Kendell Geers: The Michaelis Report
by Kim Gurney
It is difficult to write about Kendell Geers, the influential South African artist currently in self-imposed exile, without resorting to stereotype. Epithets abound - mostly recurring and highly opinionated. So how would Geers describe himself and his art-making? That was the topic of his presentation at a recent Michaelis School of Fine Art lunchtime lecture series. Unsurprisingly, his answer was not straight-forward.
Visually, Geers has described himself in Self Portrait as a broken Heineken bottle-neck. Besides the more obvious personal reference between the foreign beer and his European ancestry and current home, Geers said Self Portrait was made in response to the insidious idea that anything imported was superior to local fare.
Geers said Self Portrait also functions in relation to the society that consumes it - as an object of extreme pleasure but also pain. As a discarded object, he said the bottle connotes effluence. But as a gallery piece, it highlights the impotence of being assimilated. He said: "As an artist, you will be erased if you are avant-garde. If you want to destroy something, make it a fashion."
This fear of being assimilated is something Geers repeatedly seems to kick against in his art, which aims to collapse any power constructs it meets. Decoding Geers is not all that simple though. If it were, his work would have received far fewer column inches. Instead, he continues to leave a substantial wake in the international art scene.
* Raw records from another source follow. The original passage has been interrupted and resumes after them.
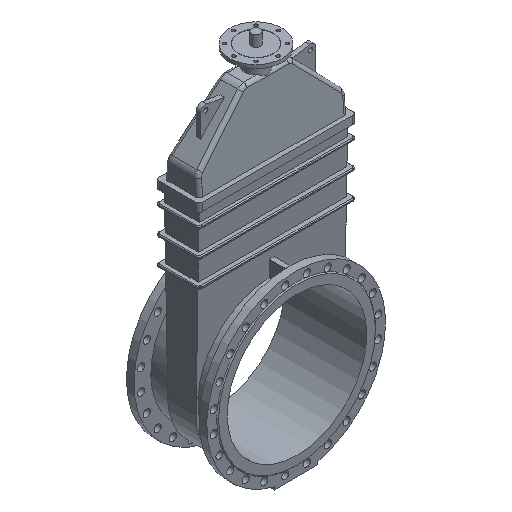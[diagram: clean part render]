
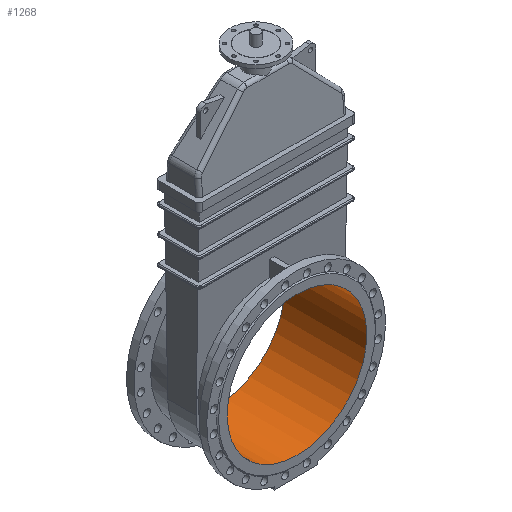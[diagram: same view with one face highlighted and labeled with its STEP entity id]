
A CAD part, isometric view. The second image highlights one B-rep face of the part: STEP entity #1268.
In plain terms, the highlighted cylindrical face has radius 400 mm (diameter 800 mm), a full revolution.
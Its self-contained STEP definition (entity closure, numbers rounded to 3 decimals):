
#1268=ADVANCED_FACE('',(#4488,#4490),#4492,.F.);
#4488=FACE_OUTER_BOUND('',#4489,.T.);
#4489=EDGE_LOOP('',(#7595));
#4490=FACE_OUTER_BOUND('',#4491,.T.);
#4491=EDGE_LOOP('',(#7596));
#4492=CYLINDRICAL_SURFACE('',#4493,400.);
#4493=AXIS2_PLACEMENT_3D('',#4494,#4495,#4496);
#4494=CARTESIAN_POINT('',(0.,235.,0.));
#4495=DIRECTION('',(0.,1.,0.));
#4496=DIRECTION('',(0.,0.,1.));
#7595=ORIENTED_EDGE('',*,*,#8526,.T.);
#7596=ORIENTED_EDGE('',*,*,#8525,.F.);
#8525=EDGE_CURVE('',#9449,#9449,#9450,.T.);
#8526=EDGE_CURVE('',#9451,#9451,#9452,.T.);
#9449=VERTEX_POINT('',#11541);
#9450=CIRCLE('',#11542,400.);
#9451=VERTEX_POINT('',#11546);
#9452=CIRCLE('',#11547,400.);
#11541=CARTESIAN_POINT('',(0.,-235.,400.));
#11542=AXIS2_PLACEMENT_3D('',#11543,#11544,#11545);
#11543=CARTESIAN_POINT('',(0.,-235.,0.));
#11544=DIRECTION('',(0.,1.,0.));
#11545=DIRECTION('',(0.,0.,1.));
#11546=CARTESIAN_POINT('',(0.,235.,400.));
#11547=AXIS2_PLACEMENT_3D('',#11548,#11549,#11550);
#11548=CARTESIAN_POINT('',(0.,235.,0.));
#11549=DIRECTION('',(0.,1.,0.));
#11550=DIRECTION('',(0.,0.,1.));

His lecture showed why. The overview in itself reflected much of his art: packed with meaning, peppered with references, intense, fast-paced, lively, funny, hard-hitting. And never shy of pushing the boundaries. Geers has notoriously twice shattered gallery windows in the name of art. Small Change, a pocketful of coins thrown onto a gallery floor, also created much controversy when all R8,69 was stolen - and subsequently recouped from the R3,000 insurance payout.
But the publicity generated from such provocative acts is a double-edged sword. While it brings the artist and his issues to attention, it also detracts from a broader body of work that is immensely rich. For instance, Geers' installation of inscribed dog tags [Title Withheld] has an obvious military resonance. But it also conveys a multiplicity of deeper meanings that include identity, reclamation of personal agency, historical significance and subjective resonance.
Some of his newer work continues in this vein. He played tracks from a video collaboration, created under the alias Red Sniper, which has just been exhibited at the Goodman Gallery in Johannesburg, as well as France's Georges Pompidou Centre. The tracks were highly effective and menacing visual and aural assaults. But do not expect more in this medium. Geers said video had become "too easy" and his next work would return to objects.
Despite a promise to himself never to exhibit again in South Africa, Geers has capitulated - owing to certain "unrelenting" individuals. On May 10 the artist opened his much anticipated solo show at the Goodman Gallery, under the title 'Prodigal Son'.